AP:
When more than a dozen lambs and sheep were slaughtered on a Shelburne farm last fall, wildlife officials suspected either a wolf that had escaped from captivity or a rogue mutt on a hungry rampage.
But after the culprit animal was killed and examined, they found themselves with a bigger mystery: How did a wild eastern gray wolf (Canis lupus), an endangered species absent from the state for more than a century, find its way to western Massachusetts?
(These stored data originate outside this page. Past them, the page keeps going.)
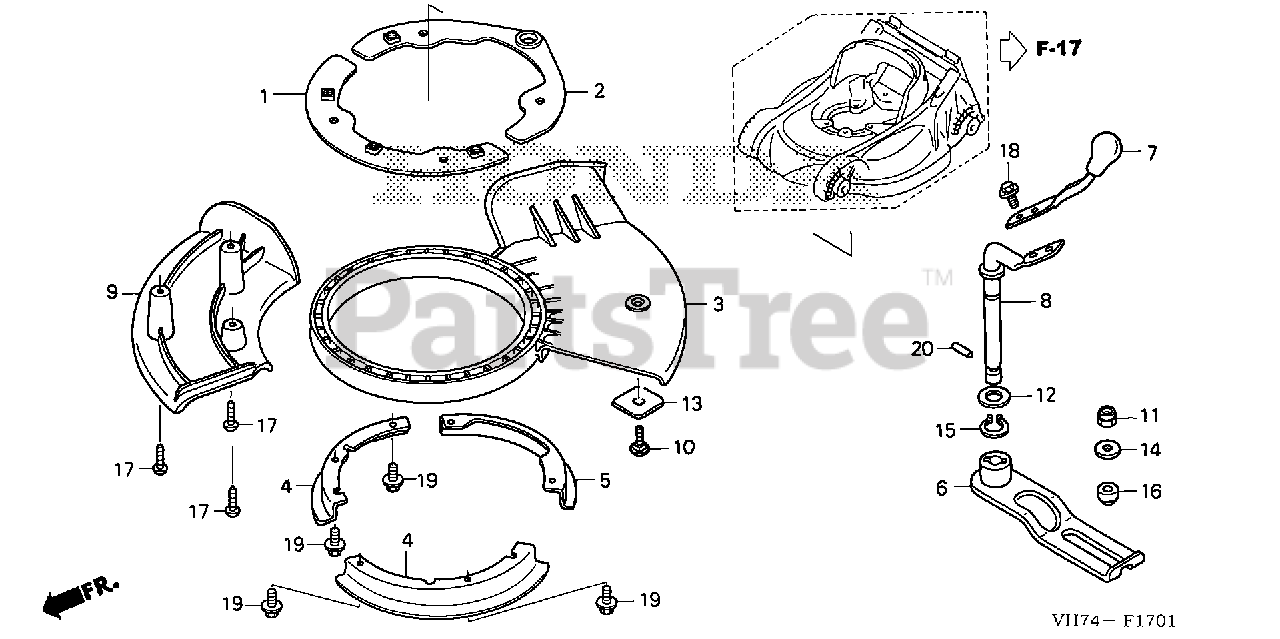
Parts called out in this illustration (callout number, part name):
1	PLATE, FR. BASE
2	PLATE, RR. BASE
3	SHUTTER
4	HOLDER, FR. SHUTTER
5	HOLDER, RR. SHUTTER
6	ARM, SHUTTER
7	LEVER, SHUTTER *G186R* (GRANNY APPLE GREEN)
8	ARM, LEVER
9	RAMP, SCROLL
10	BOLT, SPECIAL (6X19)
11	NUT, NYLON LOCK (6MM)
12	WASHER, THRUST (13MM)
13	WASHER, ARM
14	WASHER (6.5X18)
15	CIRCLIP (OUTER) (12.7MM)
16	COLLAR, ARM
17	SCREW, TAPPING (5X16)
18	BOLT, FLANGE (6X8)
19	BOLT, FLANGE (8X10)
20	ROLLER (4X19.8)
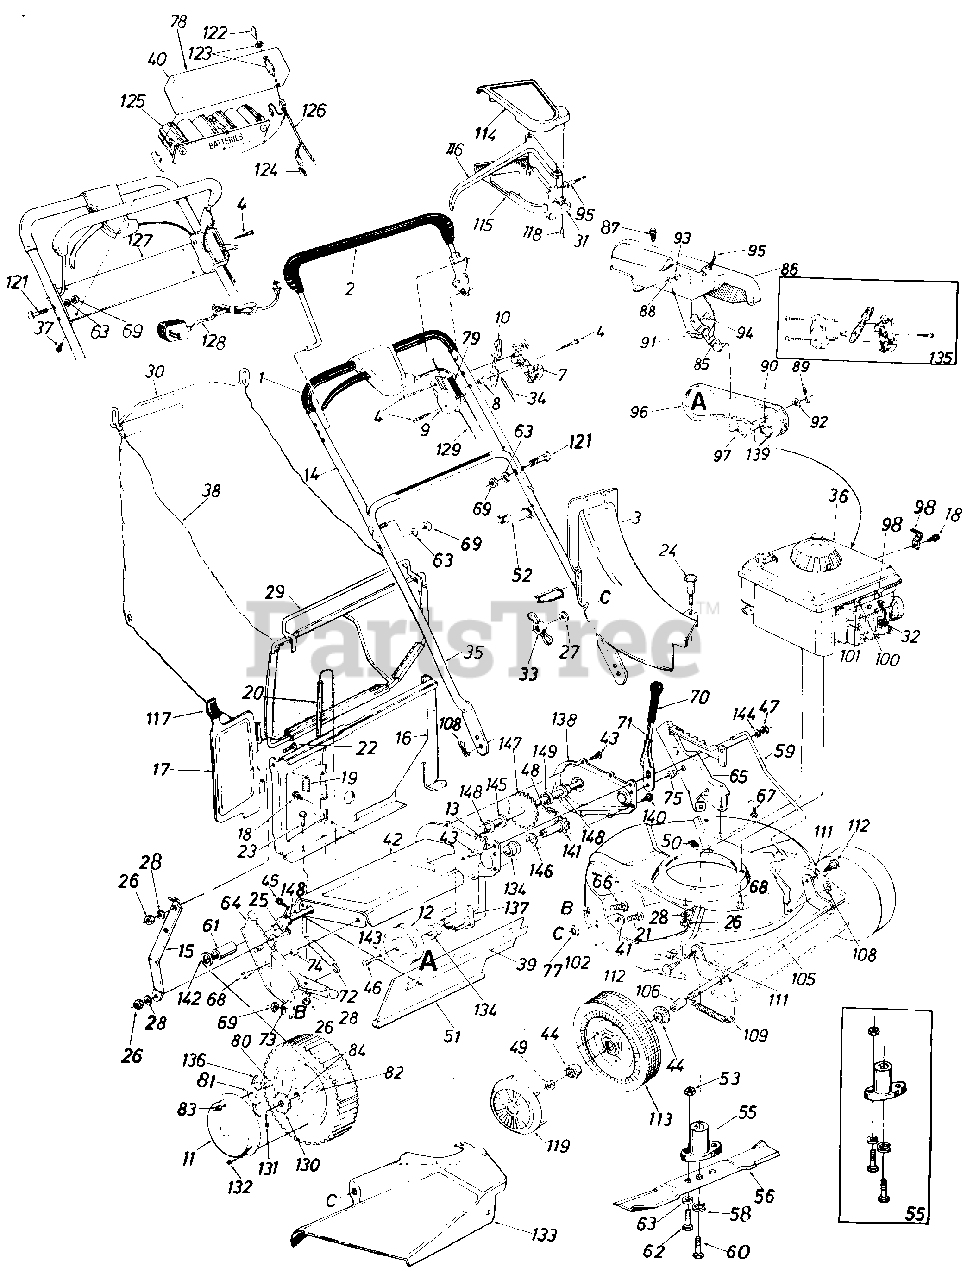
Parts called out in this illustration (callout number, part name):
2	Control Handle Ass'y.-L.H.
3	Top Discharge Chute Ass'y.
4	Truss Mach. Scr. #12 x 1.50" Lg.
7	Control Panel Half
8	Control Disc Pin
9	Clutch Panel Half
10	Throttle Control Lever
11	Hub Cap
12	1/2" V-Pulley
13	Cotter Pin 3/32" Dia. x .75
14	Upper Handle-Chrome
15	Panel Support Brkt.
16	Top Catcher Panel
17	Top Door
18	Hex B-Tap Scr. #10 x .38"
19	Torsion Spring
20	Pivot Pin
21	Carriage Bolt 1/4-20 x .62"
22	Truss Mach. Scr. 1/4-20 x .62" Lg.
23	Hex Bolt 1/4-20 x .50" Lg.
24	Shoulder Bolt .312 Dia. x .18 Lg. Special
25	Hex Bolt 1/4-20 x .62" Lg.*
26	Hex Nut 1/4-20 Thd.
27	Bell-Wash. 1/4" I.D.
28	L-Wash. 1/4" I.D.*
29	Front Grass Catcher Frame
30	Grass Catcher Handle
31	S.P. Control Cover
32	Spark Plug Insulator
33	Wing Nut
34	Throttle Control Wire 58"
35	Lower Handle-Chrome
36	Engine
37	Truss Mach. Hi-Riser Tap Scr. 1" Lg.
38	21" Top Discharge Grass Bag
39	Retaining Strip
40	Battery Tray
41	Fl-Wash. .344" I.D. x .62"
42	Chain-Axle Ass'y.
43	Hex 8-Tap Scr. 1/4" x .38" Lg.
44	Flange Ball Bearing 1/2" I.D.
45	Hex AB-Tap Scr. 1/4 x .62"
46	Hex Wash. TT-Tap Scr. 1/4-20
47	Hex Patch L-Nut 3/8-24 Thd.
48	#48 Chain .500" Pitch x .30 Links
49	Hex L-Nut 1/2-20 Thd.
51	Rear Flap 3.75" x 17.30" Lg.
52	Cable Tie
53	Hex Nut 5/16-24 Thd.
55	Blade Adapter Kit
56	21" Blade
58	L-Wash. 3/8" I.D.-H.D.
59	Height Adj. Rod 19.42" Lg.
60	Hex Bolt 3/8-24 x 2.25" Lg. (Grade 5)
61	Spacer .51 " I .D. x .69" O.D. x.69" Lg.
62	Hex Bolt 5/16-24 x 1.00" Lg. (Grade 5)
63	L-Wash. 5/16" I.D.*
64	R.H. Handle Wheel Brkt. Ass'y.
65	L.H. Handle Wheel Brkt. Ass'y.
66	Carriage Bolt 5/16-18 x .62"*
67	Hex Wash. Hd. B-Tap Scr. 5/1 6-1 8
68	Hex Wash. Hd. TT-Tap Scr. 3/8-1 6
69	Hex Nut 5/16-18 Thd.*
71	Height Adj. Lever
72	Extension Spring .50" O.D. x 3.80" Lg.
73	Bell-Wash. 5/16" I.D.
74	Spacer.385" I.D. x .502" O.D. x .270" Lg.
75	Shld. Spacer .500" Dia. x . 1 00
77	Bolt Retainer 1/4 x .50" O.D.
78	Instruction Label
79	Control Label
80	Shld. Scr. .342" Dia. x .268
81	Pawl
82	Wheel Ass'y. Comp.-Rear 8x 1.75
83	Hex Irls. L-Nut 1/4-20 Thd.
84	Flange Ball Bearing 1/2" I.D.
85	Belt Idler Bracket Ass'y.
86	Belt Cover
87	Hex Wash. S-Tap Scr. 1/4-20 x.50" Lg.
88	Hex Nut 1/4-20 Thd.*
89	Cotter Pin 1/8" Dia. x 1.00" Lg.*
90	Spring Pin Spir. 3/16" Dia. x 1.00" Lg.
91	Extension Spring .33" O.D. x 1.12" Lg.
92	Fl-Wash. .531" I.D. x .930" O.D. x .050
93	L-Wash. 1/4" I.D.*
94	Shld. Bolt .375" Dia. x .181
95	S.P. Cable x 53.0" Lg.
96	"V"-Belt 1/2" x 32.0" Lg.
97	Fl-Idler Plastic 1.62" Dia.
98	Casing Clamp
100	Hex B-Tap Scr. #10 x .62"
101	Casing Clamp
106	Sleeve .526" I.D. x .690" O.D. x .880" Lg.
108	Intern. Cotter Pin 5/16" Dia.
109	Extension Spring .50" O.D. x 3.20" Lg.
111	Intern. L-Wash. 3/8 I.D.*
112	Shld. Bolt .623" Dia. x .425
113	Front-Wheel Ass'y. Comp. 7x 1.50
114	Self-Propelled Control Cover
115	Self-Propelled Control Cover
116	Control Lever
117	Door Grip
118	Fl-"C"-Sunk Hd. Tap Scr. #10 x .75" Lg.
119	Hub Cap-Plastic
121	Curved Carr. Bolt 5/16-18 x 1.38" Lg.
122	Ignition Key
123	Ignition Switch
124	Plug
125	Battery Pack
126	Wire Harness
127	Lower Battery Tray
128	Battery Charger
129	Control Cable-43" Lg.
130	Ratchet Wheel 1.62" O.D.
131	Cotter Pin 1/8" Dia. x 1.00' Lg.*
132	Pan Hd. Tap Scr. #12 x .50" Lg.
133	Side Chute Deflector Ass'y
134	Flange Bushing
135	Kit-Control Housing Comp.
136	Spring-Nylon
137	Bearing Hub Flange Ass'y.
138	Chain Cover
139	Engine Pulley 1/2"
140	Hex Wash. S-Tap Scr. 1/4-20 x.50" Lg.
141	Sprocket-Shaft Ass'y.
142	Fl-Wash. .531" I.D. x .93" O.D.
143	Bell-Wash. .265" I.D. x .75" O.D.
144	Fl-Wash. .385" I.D. x .87" O.D.
145	Fl-Wash. .51" I.D. x 1.0" O.D.
146	Fl-Wash. .62" I.D. x 1.12" O.D.
147	Rear Shaft Ass'y. 22.05" Lg.
148	Hex Flange Bearing .506" I.D. Plastic
149	Spacer .510" I.D. x 1.00" O.D. x .210" Lg.
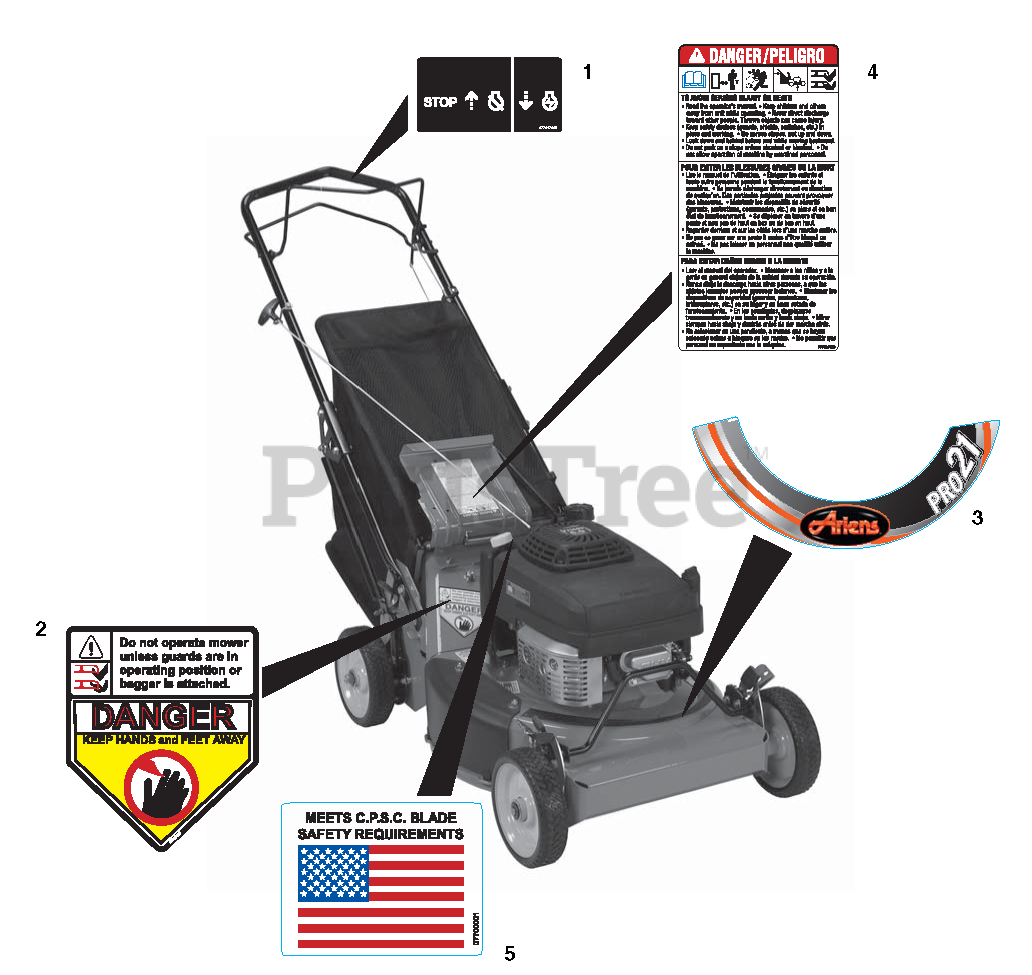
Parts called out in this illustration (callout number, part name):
1	DECAL - ENGINE CONTROL
2	DECAL, CPSC DANGER
3	DECAL, ARIENS PRO21 DECK
4	DECAL, BILINGUAL DANGER
5	DECAL, CPSC/USA FLAG

Thomas J. Healy, head of the U.S. Fish and Wildlife Service’s Northeast regional office, said Tuesday recent DNA tests at the agency’s Oregon labs confirmed it is the first gray wolf found in New England since a 1993 case in upstate Maine.
The discovery of the 85-pound male wolf may help solidify experts’ theories that the endangered species has been migrating south from Canada and repopulating rural parts of New England.
This wolf, though, was found farther south than any other reported spottings, and nothing indicates it had escaped or been set free by someone keeping it as a pet, authorities said. …
According to the Massachusetts Division of Fisheries and Wildlife, the wild gray wolf was considered extinct in Massachusetts by about 1840. One was recorded in Berkshire County in 1918, but was believed to have escaped from domestic captivity.